[Start of Attachment]

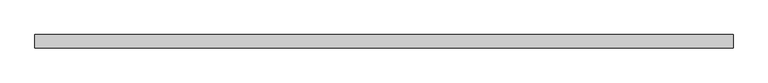
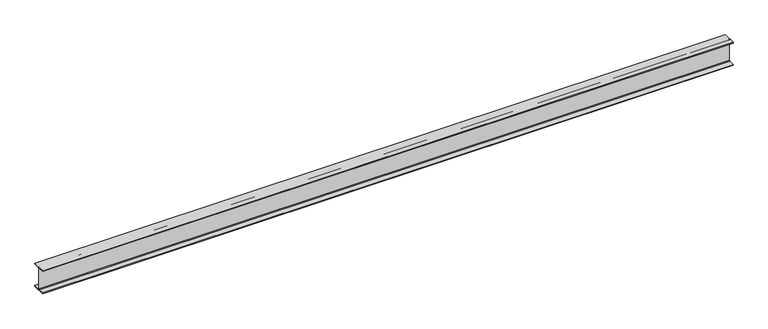
"""IFC4 building model written with IfcOpenShell, lengths in millimetres: beam geometry, Old_Steel Beam_H-KSD3502 : H_SB_ASB_H-350×175x7x11."""

from ifc_helpers import new_model, si_unit, point, frame, frame_2d, origin, place, context, project, spatial, polyline, circle_curve, trimmed, segment, composite_curve, outline, extrude, source, transform, mapped, element, save


def beam_e21a578f(model_context):
    return source(origin(), model_context, "Body", "SweptSolid", [
        extrude(outline(composite_curve([segment(polyline([(82.5, -141.5), (82.5, -151.7), (-82.5, -151.7), (-82.5, -141.5), (-11.9, -141.5)]), True, "CONTINUOUS"), segment(trimmed(circle_curve(frame_2d((-11.9, -132.6)), 8.9), [point((-11.9, -141.5))], [point((-3.0, -132.6))], True, "CARTESIAN"), True, "CONTINUOUS"), segment(polyline([(-3.0, -132.6), (-3.0, 132.6)]), True, "CONTINUOUS"), segment(trimmed(circle_curve(frame_2d((-11.9, 132.6)), 8.9), [point((-3.0, 132.6))], [point((-11.9, 141.5))], True, "CARTESIAN"), True, "CONTINUOUS"), segment(polyline([(-11.9, 141.5), (-82.5, 141.5), (-82.5, 151.7), (82.5, 151.7), (82.5, 141.5), (11.9, 141.5)]), True, "CONTINUOUS"), segment(trimmed(circle_curve(frame_2d((11.9, 132.6)), 8.9), [point((11.9, 141.5))], [point((3.0, 132.6))], True, "CARTESIAN"), True, "CONTINUOUS"), segment(polyline([(3.0, 132.6), (3.0, -132.6)]), True, "CONTINUOUS"), segment(trimmed(circle_curve(frame_2d((11.9, -132.6)), 8.9), [point((3.0, -132.6))], [point((11.9, -141.5))], True, "CARTESIAN"), True, "CONTINUOUS"), segment(polyline([(11.9, -141.5), (82.5, -141.5)]), True, "CONTINUOUS")], self_intersect=False)), frame((-4333.8712061, 0.0, 0.0), z_axis=(1.0, 0.0, 0.0), x_axis=(0.0, 1.0, 0.0)), (0.0, 0.0, 1.0), 8632.7424123),
    ])


if __name__ == "__main__":
    model = new_model("IFC4")
    model_context = context("Model", 3, world=origin())
    ifc_project = project(units=[si_unit("LENGTHUNIT", "METRE", prefix="MILLI")], contexts=[model_context])
    site = spatial("IfcSite", under=ifc_project)
    building = spatial("IfcBuilding", under=site)
    placement = place(None, origin())
    beam_shape = beam_e21a578f(model_context)
    element("IfcBeam", 1, ObjectType="Old_Steel Beam_H-KSD3502 : H_SB_ASB_H-350×175x7x11", at=placement, inside=building, context=model_context, shape_type="MappedRepresentation", body=[
        mapped(beam_shape, transform((0.0, 0.0, 0.0), x_axis=(1.0, 0.0, 0.0), y_axis=(0.0, 1.0, 0.0), z_axis=(0.0, 0.0, 1.0))),
    ])
    save(model, "model.ifc")

# Revit data of these elements
# Type "Old_Steel Beam_H-KSD3502 : H_SB_ASB_H-350×175x7x11"
#   Width = 17.5 cm
#   Web Thickness = 0.7 cm
#   Web Fillet = 1.4 cm
#   Warping Constant = 282290.0 cm⁶
#   Torsional Moment of Inertia = 19.4042 cm⁴
#   Torsional Modulus = 1.0 cm³
#   Section Area = 63.14 cm²
#   Plastic Modulus weak axis = 174.0 cm³
#   Plastic Modulus strong axis = 868.0 cm³
#   Perimeter = 1.36 m²/m
#   Nominal Weight = 49.60 kgf/m
#   Moment of Inertia weak axis = 984.00 cm⁴
#   Moment of Inertia strong axis = 13600.00 cm⁴
#   Height = 35.0 cm
#   Flange Thickness = 1.1 cm
#   Elastic Modulus weak axis = 112.0 cm³
#   Elastic Modulus strong axis = 775.0 cm³
#   Centroid Vertical = 17.5 cm
#   Centroid Horizontal = 8.75 cm
#   Length [instance default] = 1.5240 m
#   Structural Material [instance default] = Steel, 45-345
#   Assembly Code = ""
# Element 1 (IfcBeam, "Old_Steel Beam_H-KSD3502 : H_SB_ASB_H-350×175x7x11")
#   Structural Material = none
# Materials
#   "Steel, 45-345": class "Metal", colour RGB 189 187 185, transparency 0, Description = "Steel 345 MPa", Cost = 0

[End of Attachment]

> _THE PROBLEM_: Repeat, exactly and in full, all records above, but include no pictures.

> _RESPONSE TO THE EXERCISE_:
"""IFC4 building model written with IfcOpenShell, lengths in millimetres: beam geometry, Old_Steel Beam_H-KSD3502 : H_SB_ASB_H-350×175x7x11."""

from ifc_helpers import new_model, si_unit, point, frame, frame_2d, origin, place, context, project, spatial, polyline, circle_curve, trimmed, segment, composite_curve, outline, extrude, source, transform, mapped, element, save


def beam_e21a578f(model_context):
    return source(origin(), model_context, "Body", "SweptSolid", [
        extrude(outline(composite_curve([segment(polyline([(82.5, -141.5), (82.5, -151.7), (-82.5, -151.7), (-82.5, -141.5), (-11.9, -141.5)]), True, "CONTINUOUS"), segment(trimmed(circle_curve(frame_2d((-11.9, -132.6)), 8.9), [point((-11.9, -141.5))], [point((-3.0, -132.6))], True, "CARTESIAN"), True, "CONTINUOUS"), segment(polyline([(-3.0, -132.6), (-3.0, 132.6)]), True, "CONTINUOUS"), segment(trimmed(circle_curve(frame_2d((-11.9, 132.6)), 8.9), [point((-3.0, 132.6))], [point((-11.9, 141.5))], True, "CARTESIAN"), True, "CONTINUOUS"), segment(polyline([(-11.9, 141.5), (-82.5, 141.5), (-82.5, 151.7), (82.5, 151.7), (82.5, 141.5), (11.9, 141.5)]), True, "CONTINUOUS"), segment(trimmed(circle_curve(frame_2d((11.9, 132.6)), 8.9), [point((11.9, 141.5))], [point((3.0, 132.6))], True, "CARTESIAN"), True, "CONTINUOUS"), segment(polyline([(3.0, 132.6), (3.0, -132.6)]), True, "CONTINUOUS"), segment(trimmed(circle_curve(frame_2d((11.9, -132.6)), 8.9), [point((3.0, -132.6))], [point((11.9, -141.5))], True, "CARTESIAN"), True, "CONTINUOUS"), segment(polyline([(11.9, -141.5), (82.5, -141.5)]), True, "CONTINUOUS")], self_intersect=False)), frame((-4333.8712061, 0.0, 0.0), z_axis=(1.0, 0.0, 0.0), x_axis=(0.0, 1.0, 0.0)), (0.0, 0.0, 1.0), 8632.7424123),
    ])


if __name__ == "__main__":
    model = new_model("IFC4")
    model_context = context("Model", 3, world=origin())
    ifc_project = project(units=[si_unit("LENGTHUNIT", "METRE", prefix="MILLI")], contexts=[model_context])
    site = spatial("IfcSite", under=ifc_project)
    building = spatial("IfcBuilding", under=site)
    placement = place(None, origin())
    beam_shape = beam_e21a578f(model_context)
    element("IfcBeam", 1, ObjectType="Old_Steel Beam_H-KSD3502 : H_SB_ASB_H-350×175x7x11", at=placement, inside=building, context=model_context, shape_type="MappedRepresentation", body=[
        mapped(beam_shape, transform((0.0, 0.0, 0.0), x_axis=(1.0, 0.0, 0.0), y_axis=(0.0, 1.0, 0.0), z_axis=(0.0, 0.0, 1.0))),
    ])
    save(model, "model.ifc")

# Revit data of these elements
# Type "Old_Steel Beam_H-KSD3502 : H_SB_ASB_H-350×175x7x11"
#   Width = 17.5 cm
#   Web Thickness = 0.7 cm
#   Web Fillet = 1.4 cm
#   Warping Constant = 282290.0 cm⁶
#   Torsional Moment of Inertia = 19.4042 cm⁴
#   Torsional Modulus = 1.0 cm³
#   Section Area = 63.14 cm²
#   Plastic Modulus weak axis = 174.0 cm³
#   Plastic Modulus strong axis = 868.0 cm³
#   Perimeter = 1.36 m²/m
#   Nominal Weight = 49.60 kgf/m
#   Moment of Inertia weak axis = 984.00 cm⁴
#   Moment of Inertia strong axis = 13600.00 cm⁴
#   Height = 35.0 cm
#   Flange Thickness = 1.1 cm
#   Elastic Modulus weak axis = 112.0 cm³
#   Elastic Modulus strong axis = 775.0 cm³
#   Centroid Vertical = 17.5 cm
#   Centroid Horizontal = 8.75 cm
#   Length [instance default] = 1.5240 m
#   Structural Material [instance default] = Steel, 45-345
#   Assembly Code = ""
# Element 1 (IfcBeam, "Old_Steel Beam_H-KSD3502 : H_SB_ASB_H-350×175x7x11")
#   Structural Material = none
# Materials
#   "Steel, 45-345": class "Metal", colour RGB 189 187 185, transparency 0, Description = "Steel 345 MPa", Cost = 0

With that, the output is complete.